Schwindermann v. Great Eastern Casualty Co.

Robinson, J.

(concurring). In this ease plaintiff recovered a judgment against defendant for $546.67 on an accident insurance policy for which he paid $24. It is made on a written application which does not give the terms or conditions of the policy. It is a document 20x24 inches, printed on two sides. The chances are more than ten to one plaintiff never read it, and that if he did read it he knew not what it meant. It consists of a general covenant to give a limited indemnity for loss by accident, with numerous exceptions and limitations apparently designed to deceive and evade nearly all liability. It is entirely safe to say that such exceptions and evasions were not included in the insurance application, and they formed no part of the contract. The courts have gone altogether too for in holding that a corporation may receive good money for a good and valid insurance contract, and impose on the purchaser a large printed document which makes the insurance a deception. It is no answer to say that, when a party receives such a document he may pay an attorney $5 to read it and pay him $10 to return it and to recover the insurance premium.

As it appears, when the plaintiff signed his insurance application and paid his $24 he was employed as a boiler maker or repairer in the shops of the Northern Pacific Railway Company at Jamestown, and it *593was so stated on his application, and the fact was well known to the agent receiving the money. But when rupture or hernia was the result of a severe fall on the floor of the railway shops, and the plaintiff made a proper claim for damages, the company says to him: We did not insure you against accident causing hernia. We do not insure railway company employees on duty in a roundhouse or repair shop.

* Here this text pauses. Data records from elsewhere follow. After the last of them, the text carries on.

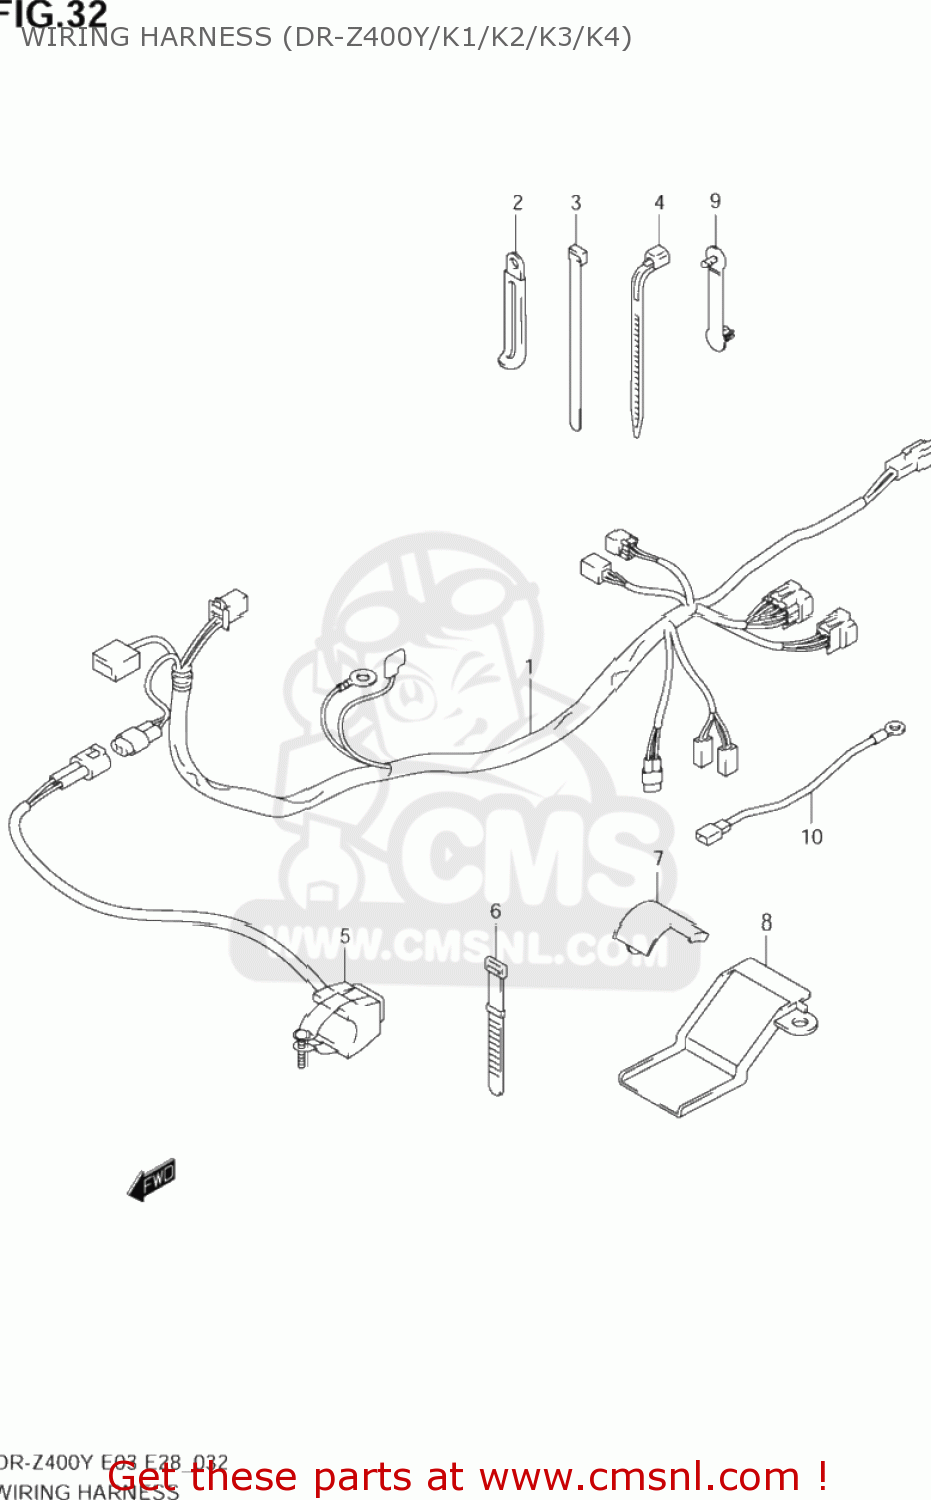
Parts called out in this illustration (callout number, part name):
1	HARNESS,WIRING
2	CLAMP(L:45)
3	CLAMP(L:145)
4	CLAMP(L:125)
5	SWITCH ASSY,ENGINE STOP
6	CLAMP(L:120)
7	PROTECTOR,WIRING HARNESS
8	PROTECTOR,WIRING HARNESS
9	CLAMP(L:63)
10	WIRE,ENGINE EARTH
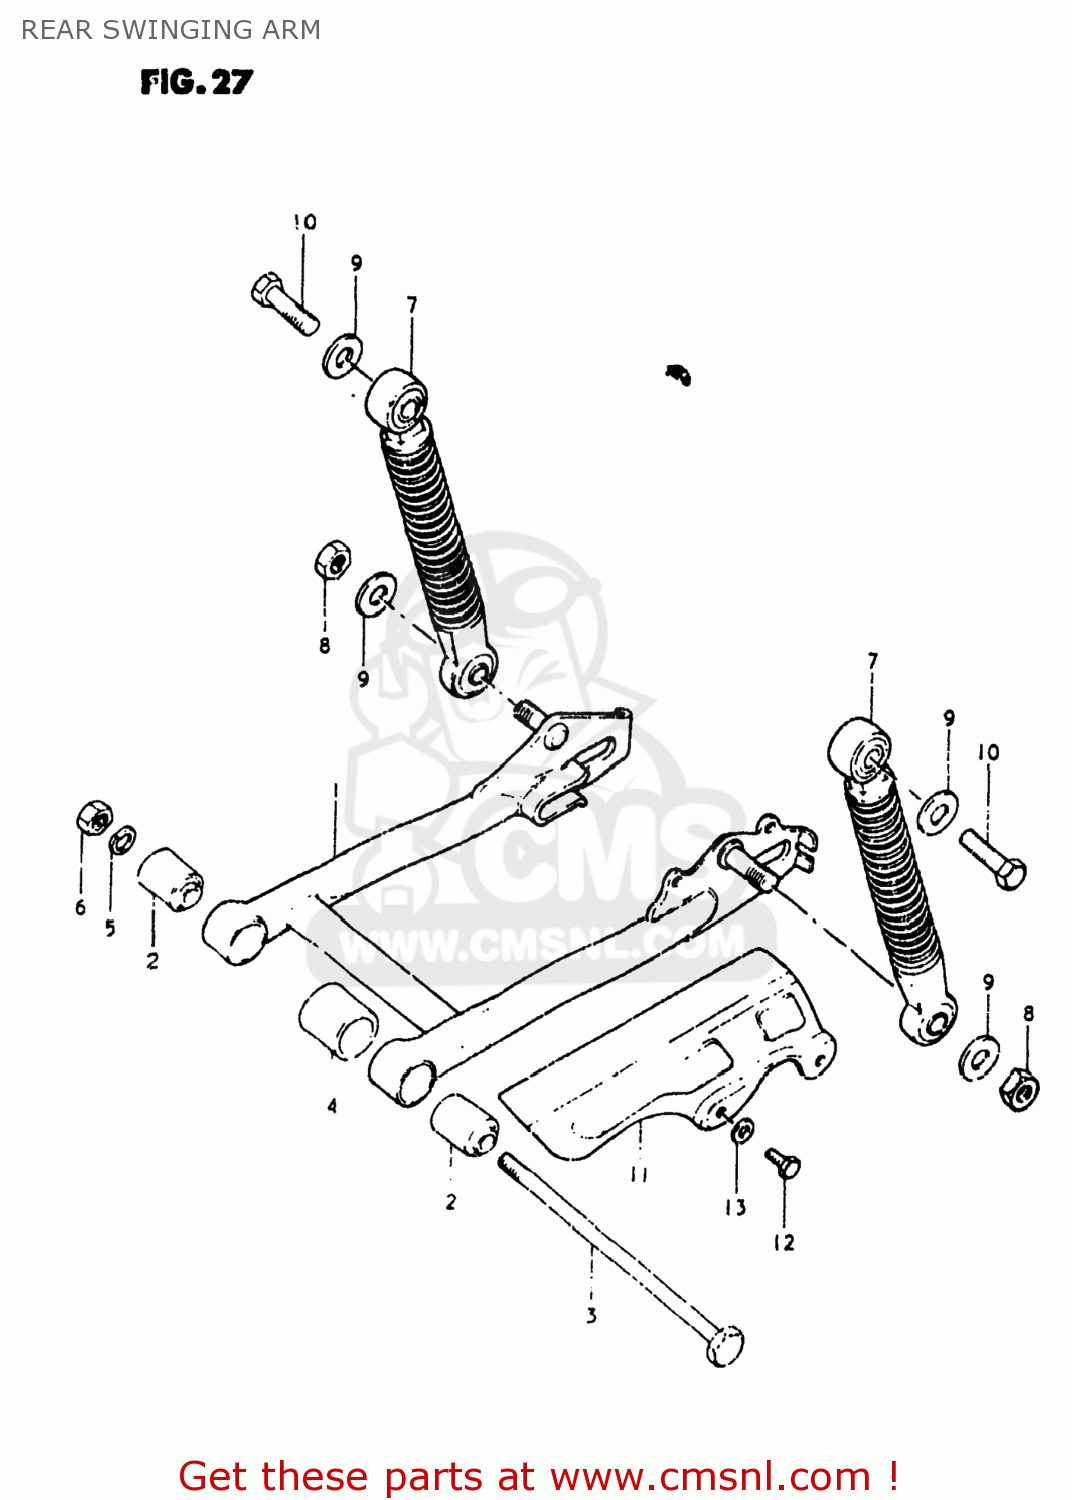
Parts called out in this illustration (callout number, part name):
1	SWING ARM ASSEMBLY,REAR
2	BUSH
3	SHAFT,RR SWINGINGARM PIVOT
4	CUSHION
5	LOCK WASHER
6	NUT
7	ABSORBER ASSY,RR SHOCK
8	NUT
9	WASHER
10	BOLT,M10X1.25X
11	CASE,CHAIN
12	BOLT
13	LOCK WASHER
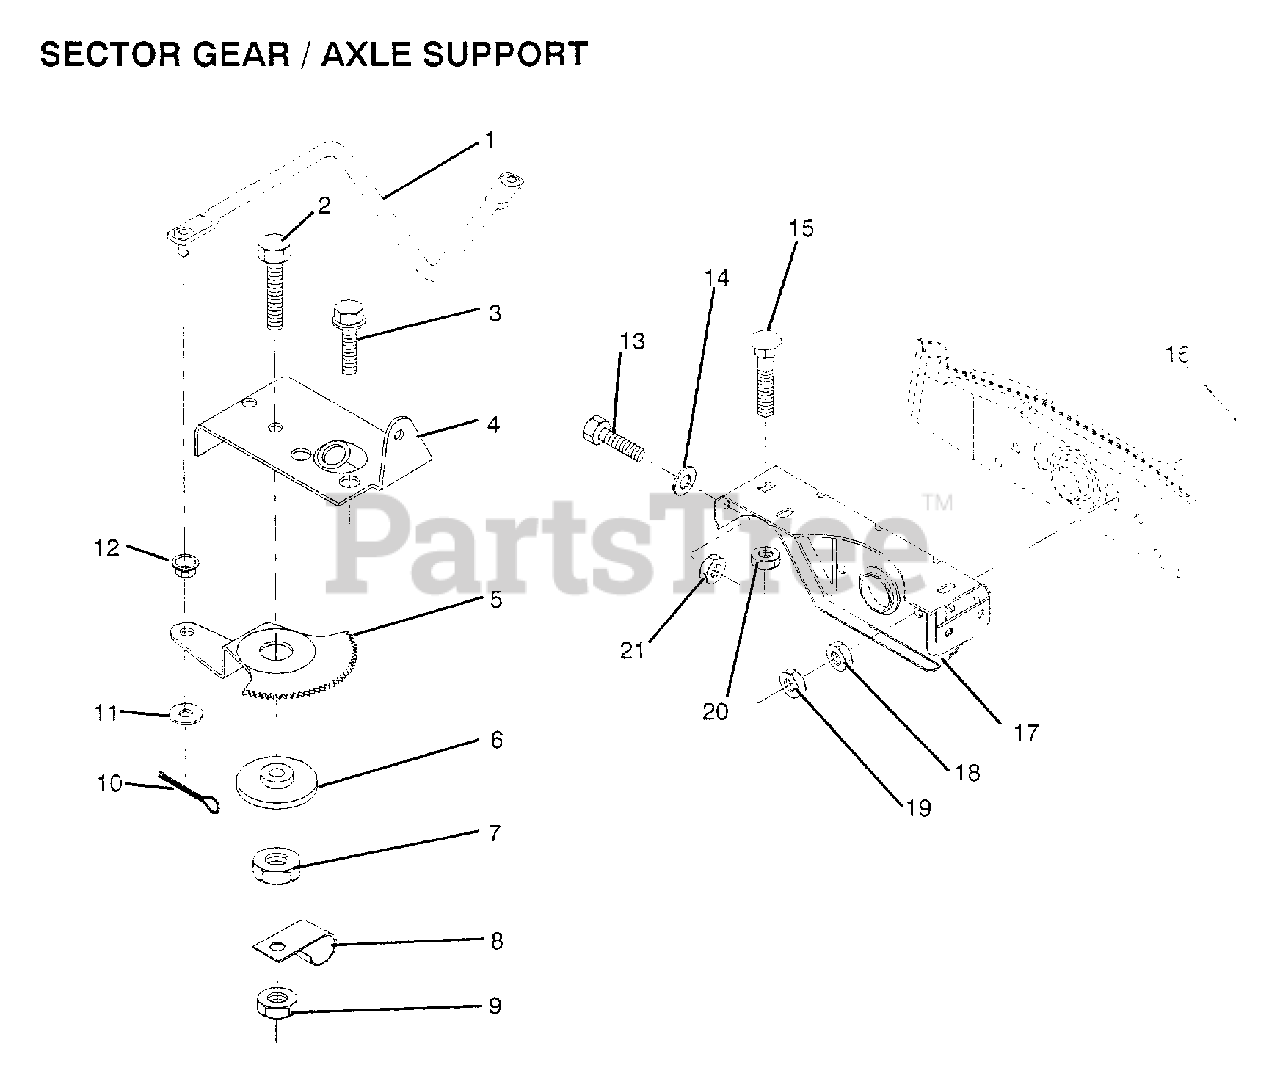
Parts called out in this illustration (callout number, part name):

We regret that you have no claim against us. And truly, if such were the fact, it would be sincere cause for regret.

The company wholly rejects the claim, and demurs to the proof because it does not conform to its rules, and it demurs to the suit because it was brought too soon. It insists on the right to make a special code of procedure to govern claims and suits against it, and still its officers regret that the plaintiff has no just claim against them, but assuredly the record shows no such cause for regret. There has been a fair trial, and the findings are well sustained by the evidence.